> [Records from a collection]

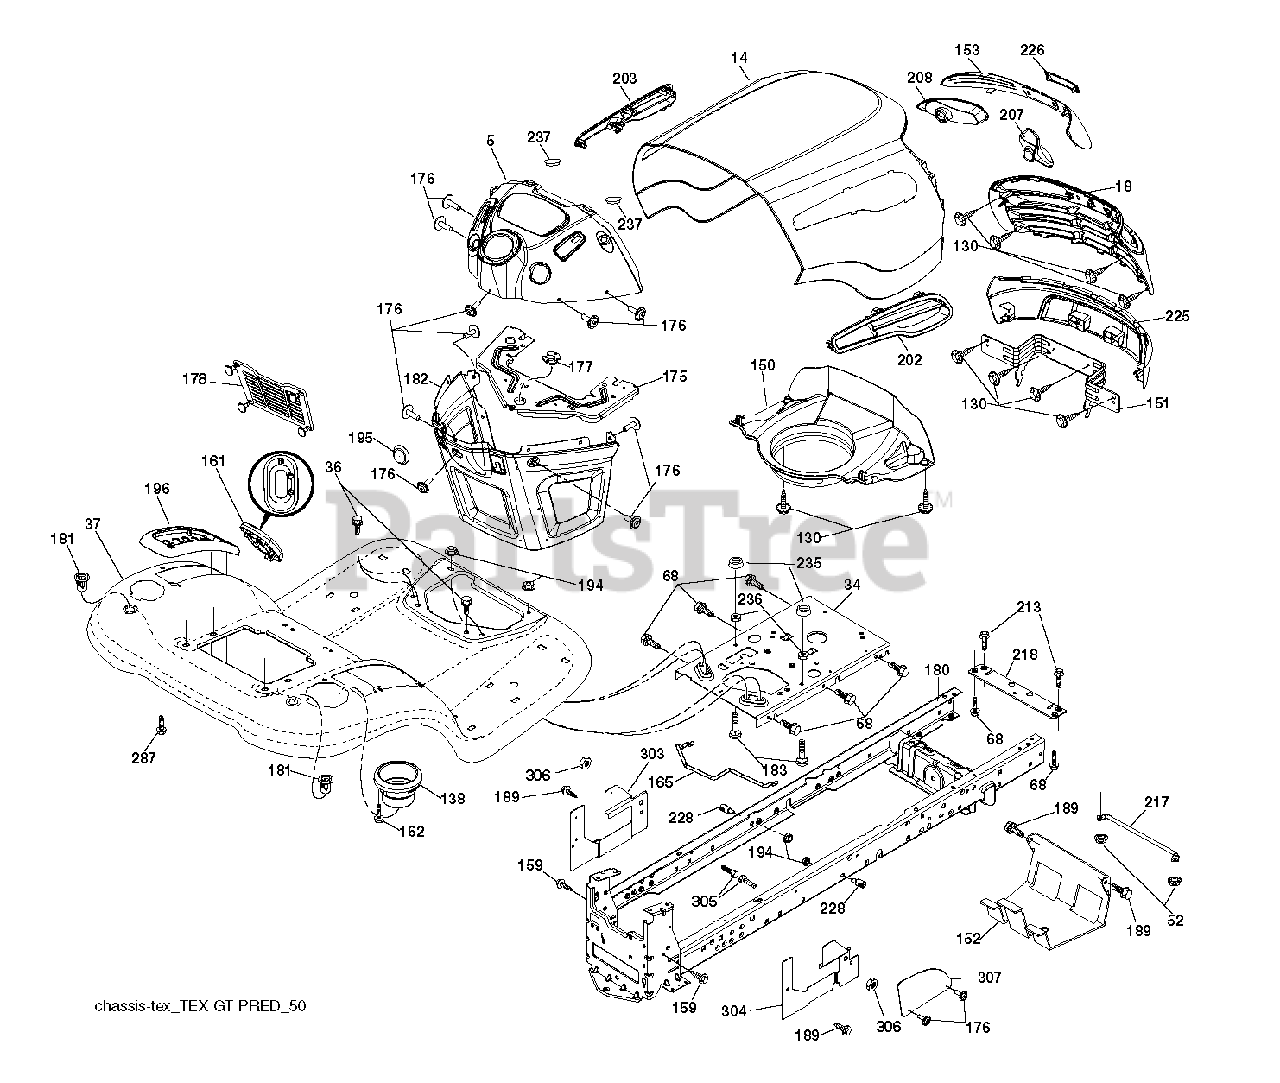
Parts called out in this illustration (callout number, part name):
34	PLATE.ENGINE.WELDED.CHASSIS
36	SCREW 5/16"
52	LOCKNUT
130	SCREW.#10 X 0.750.BOS THREAD
138	CUPHOLDER.TL.TEX.BLACK
152	SHIELD BROWNING
159	SCREW, 3/8-16X3/4
161	WINDOW.FUEL.LT.TEX.BLACK
162	SCREW.HI-LO.CONSOLE
165	SUPPORT.TANK.REAR.W/TE
175	PLATE.CROSSMEMBER.HUSQ
176	SCREW.#10-24X5/8.RN.QU
177	BUSHING,STEERING
178	CARGO.ASM.NET.TXGT.W/C
180	CHASSIS
181	FEND/FTRST.PCH.CPH.NFW
182	DASH.LOWER.COMMON.12V.ADAPTOR
183	BOLT.5/16-18X1-1/4 FULL THD
189	SCREW
194	NUT LOCK HEX FLANGE 5/16-18
195	PLUG.HOLE.DASH.LOWER.12V.BLK
196	CONSOLE.ASM.DECKLFT.BL/RBT.TLT
213	BOLT
217	ROD.PIVOT.HOOD
218	X-PIECE.HOOD.STOP.NON/
228	STUD.FASTNER.W/ANTI-ROTATE
235	SPACER FENDER
236	NUT.CENTERLOCK.5/16-
237	PLUG.MOUNT.CARGO.BLK
306	NUT LOCK FLG 3/8-16 UNC
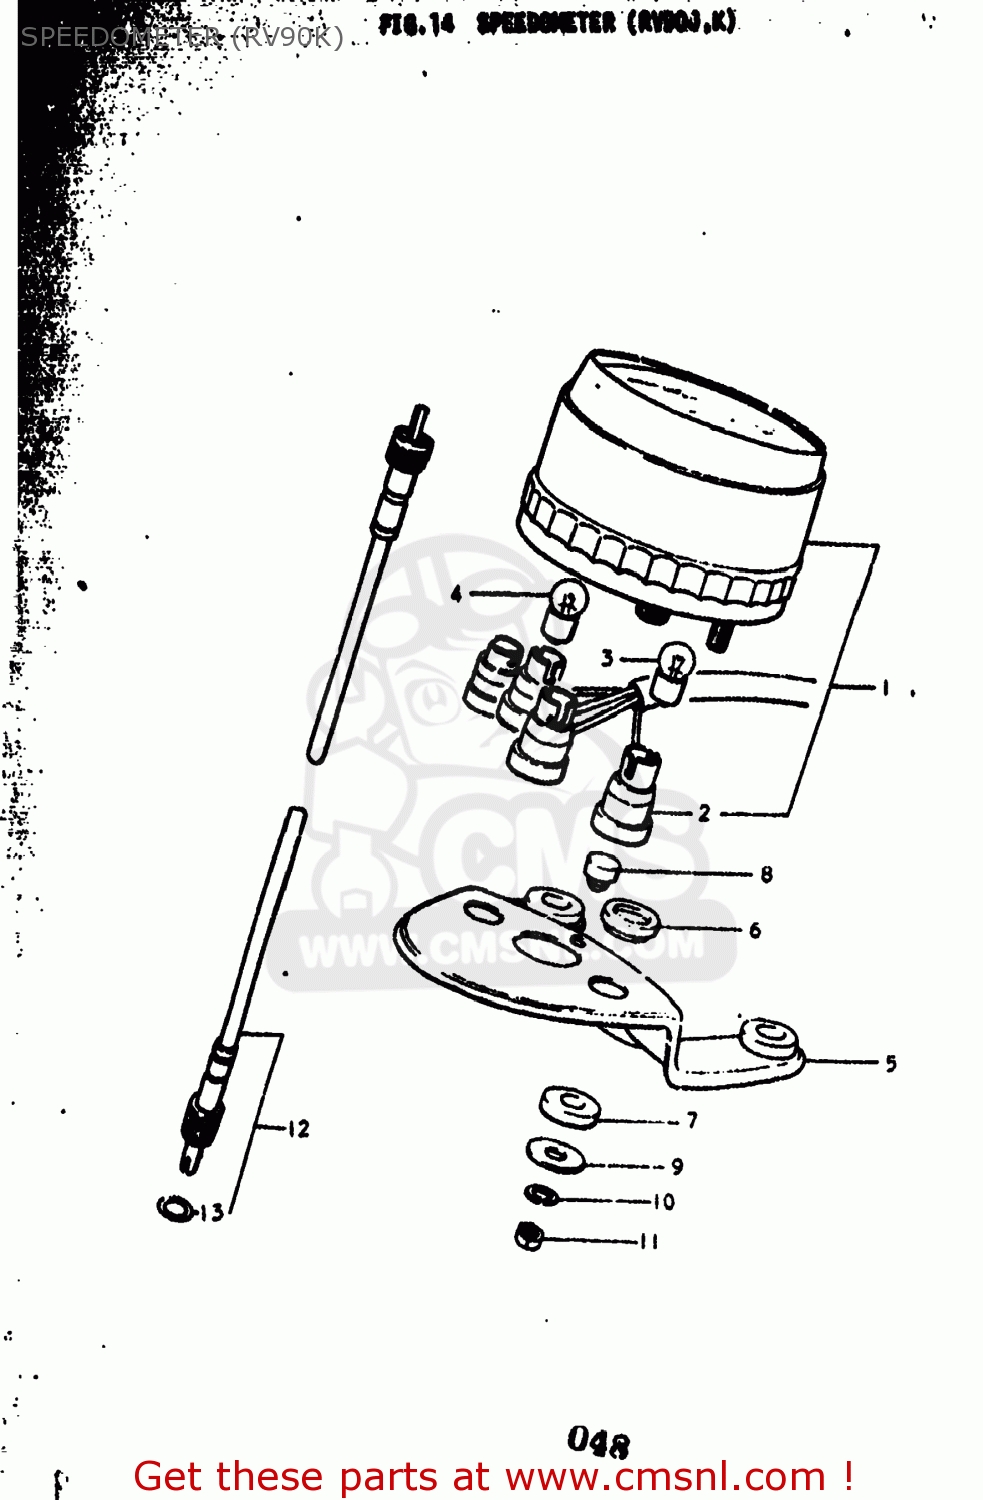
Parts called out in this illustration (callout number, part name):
1	SPEEDOMETER ASSEMBLY
2	SOCKET,METER
3	BULB(6V/3W)
4	BULB(6V1.7W,STANLEY,A61A)
5	BRACKET,METER
6	CUSHION,METER
7	CUSHION
8	CUSHION,METER
9	WASHER(5.5X16X1.5)
10	LOCK WASHER
11	NUT
12	CABLE ASSY,SPEEDOMETER
13	SEAL,OIL METER CABLE
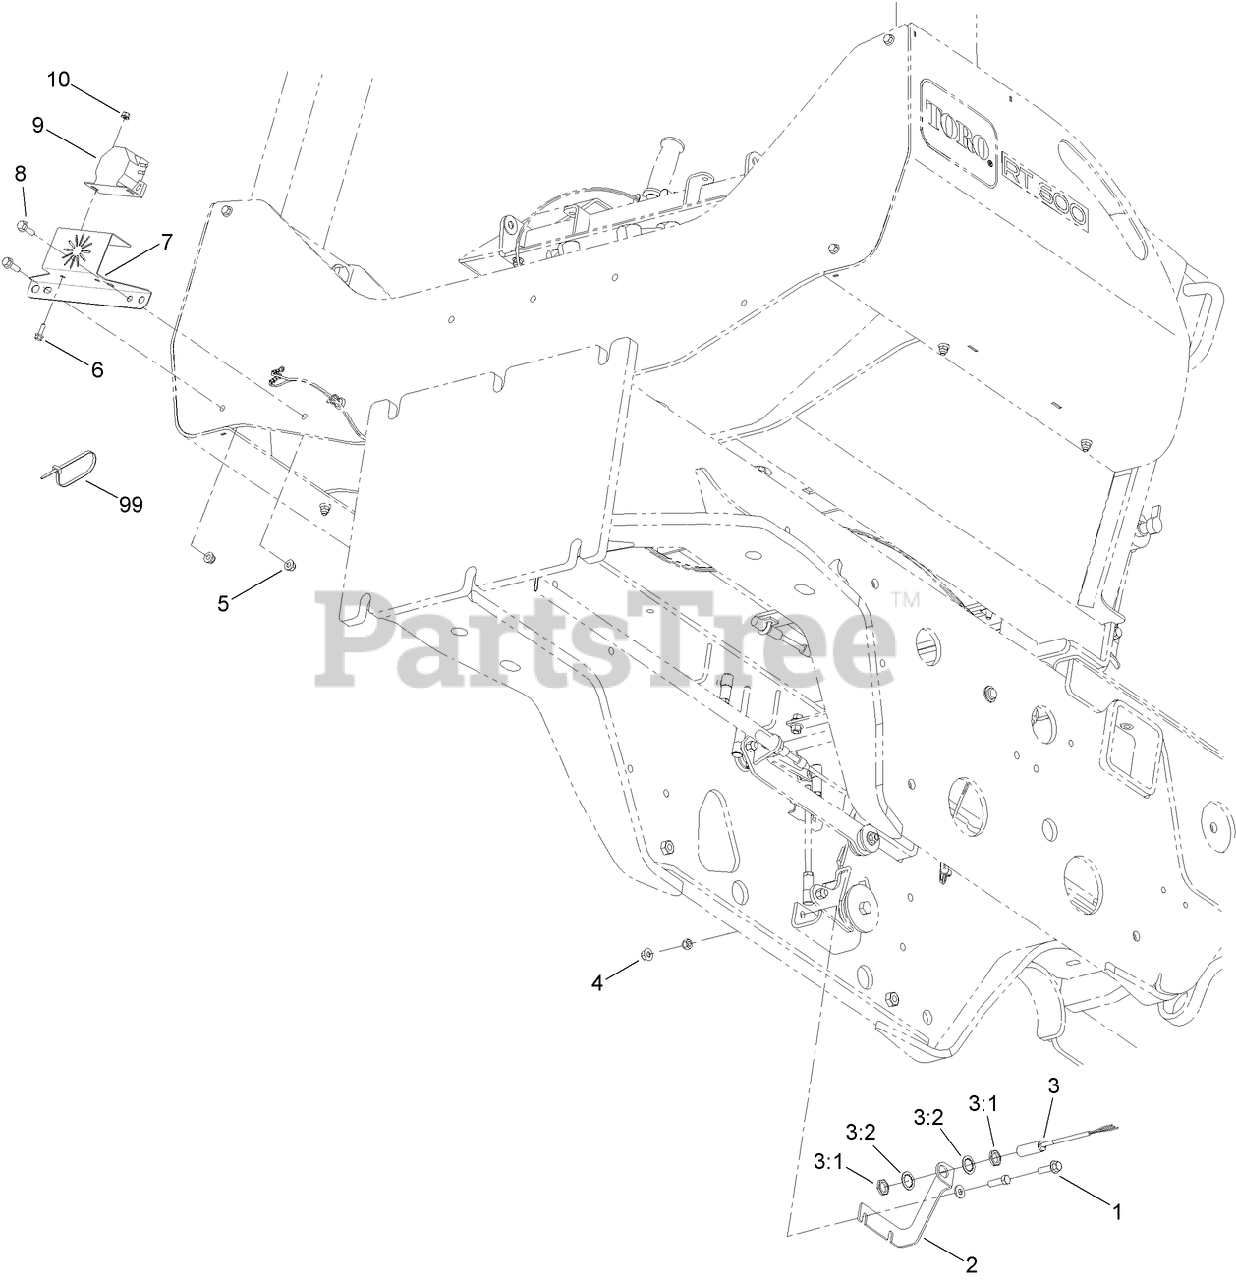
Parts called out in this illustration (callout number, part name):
1	SCREW-HHF
2	BRACKET-SENSOR
3	PROXIMITY SWITCH ASM
3:1	NUT-HEX
3:2	WASHER-LOCK, INTERNAL TOOTH
4	NUT-HEX FLG
5	NUT-LOCK, HHF
6	SCREW-HHF
7	BRACKET-BACKUP ALARM
8	SCREW-HHF
9	ALARM-BACKUP
10	NUT-HHF
99	TIE-CABLE
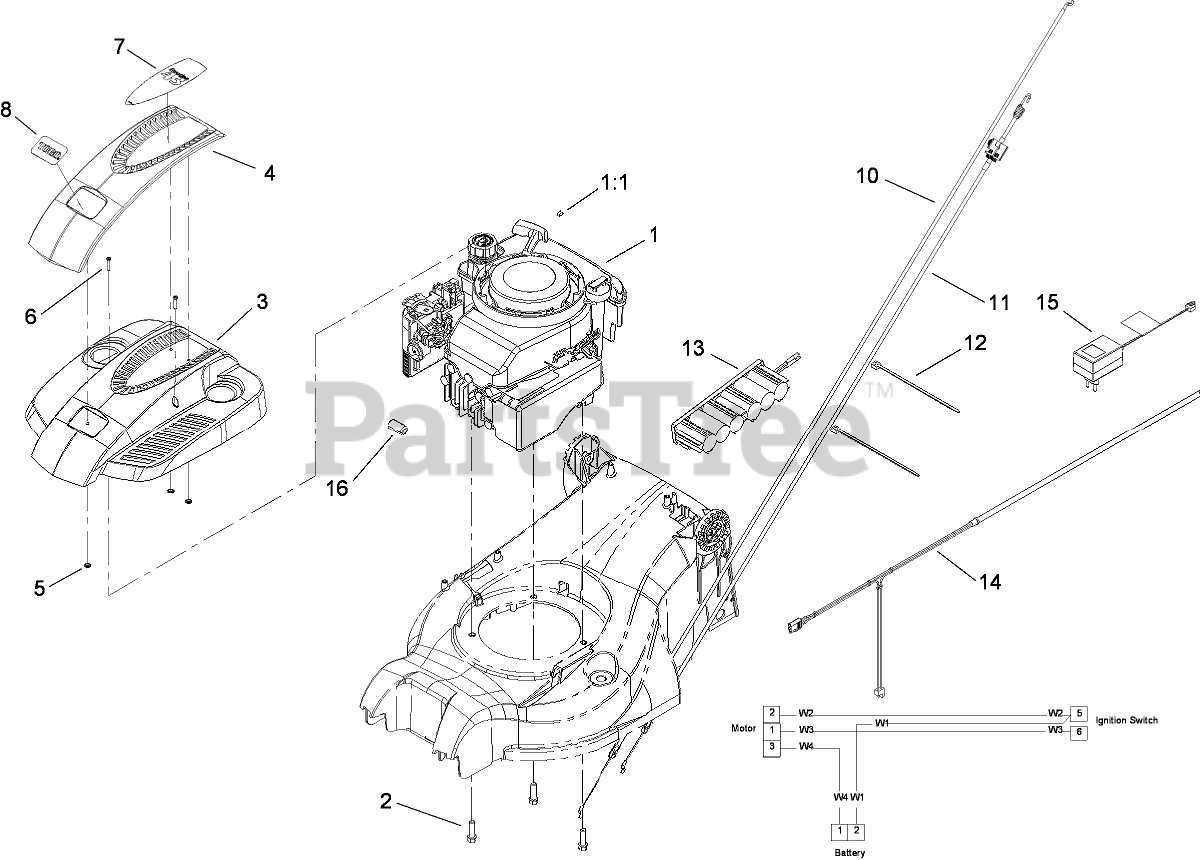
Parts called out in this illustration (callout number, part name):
1:1	STOP-ROPE
2	SCREW-TAPTITE
3	SHROUD-ENGINE
4	COVER-SHROUD
5	CLIP-PUSH
6	SCREW-PPH
10	CABLE-BRAKE
11	CABLE-TRACTION
12	TIE-CABLE
13	BATTERY
14	HARNESS-WIRING
15	CHARGER-EUROPEAN, 12V DC
16	FERRITE-SNAP ON

> [Work to be completed]
The data above should be restated exactly, with its images dropped.

> [Task result]
Parts called out in this illustration (callout number, part name):
34	PLATE.ENGINE.WELDED.CHASSIS
36	SCREW 5/16"
52	LOCKNUT
130	SCREW.#10 X 0.750.BOS THREAD
138	CUPHOLDER.TL.TEX.BLACK
152	SHIELD BROWNING
159	SCREW, 3/8-16X3/4
161	WINDOW.FUEL.LT.TEX.BLACK
162	SCREW.HI-LO.CONSOLE
165	SUPPORT.TANK.REAR.W/TE
175	PLATE.CROSSMEMBER.HUSQ
176	SCREW.#10-24X5/8.RN.QU
177	BUSHING,STEERING
178	CARGO.ASM.NET.TXGT.W/C
180	CHASSIS
181	FEND/FTRST.PCH.CPH.NFW
182	DASH.LOWER.COMMON.12V.ADAPTOR
183	BOLT.5/16-18X1-1/4 FULL THD
189	SCREW
194	NUT LOCK HEX FLANGE 5/16-18
195	PLUG.HOLE.DASH.LOWER.12V.BLK
196	CONSOLE.ASM.DECKLFT.BL/RBT.TLT
213	BOLT
217	ROD.PIVOT.HOOD
218	X-PIECE.HOOD.STOP.NON/
228	STUD.FASTNER.W/ANTI-ROTATE
235	SPACER FENDER
236	NUT.CENTERLOCK.5/16-
237	PLUG.MOUNT.CARGO.BLK
306	NUT LOCK FLG 3/8-16 UNC
Parts called out in this illustration (callout number, part name):
1	SPEEDOMETER ASSEMBLY
2	SOCKET,METER
3	BULB(6V/3W)
4	BULB(6V1.7W,STANLEY,A61A)
5	BRACKET,METER
6	CUSHION,METER
7	CUSHION
8	CUSHION,METER
9	WASHER(5.5X16X1.5)
10	LOCK WASHER
11	NUT
12	CABLE ASSY,SPEEDOMETER
13	SEAL,OIL METER CABLE
Parts called out in this illustration (callout number, part name):
1	SCREW-HHF
2	BRACKET-SENSOR
3	PROXIMITY SWITCH ASM
3:1	NUT-HEX
3:2	WASHER-LOCK, INTERNAL TOOTH
4	NUT-HEX FLG
5	NUT-LOCK, HHF
6	SCREW-HHF
7	BRACKET-BACKUP ALARM
8	SCREW-HHF
9	ALARM-BACKUP
10	NUT-HHF
99	TIE-CABLE
Parts called out in this illustration (callout number, part name):
1:1	STOP-ROPE
2	SCREW-TAPTITE
3	SHROUD-ENGINE
4	COVER-SHROUD
5	CLIP-PUSH
6	SCREW-PPH
10	CABLE-BRAKE
11	CABLE-TRACTION
12	TIE-CABLE
13	BATTERY
14	HARNESS-WIRING
15	CHARGER-EUROPEAN, 12V DC
16	FERRITE-SNAP ON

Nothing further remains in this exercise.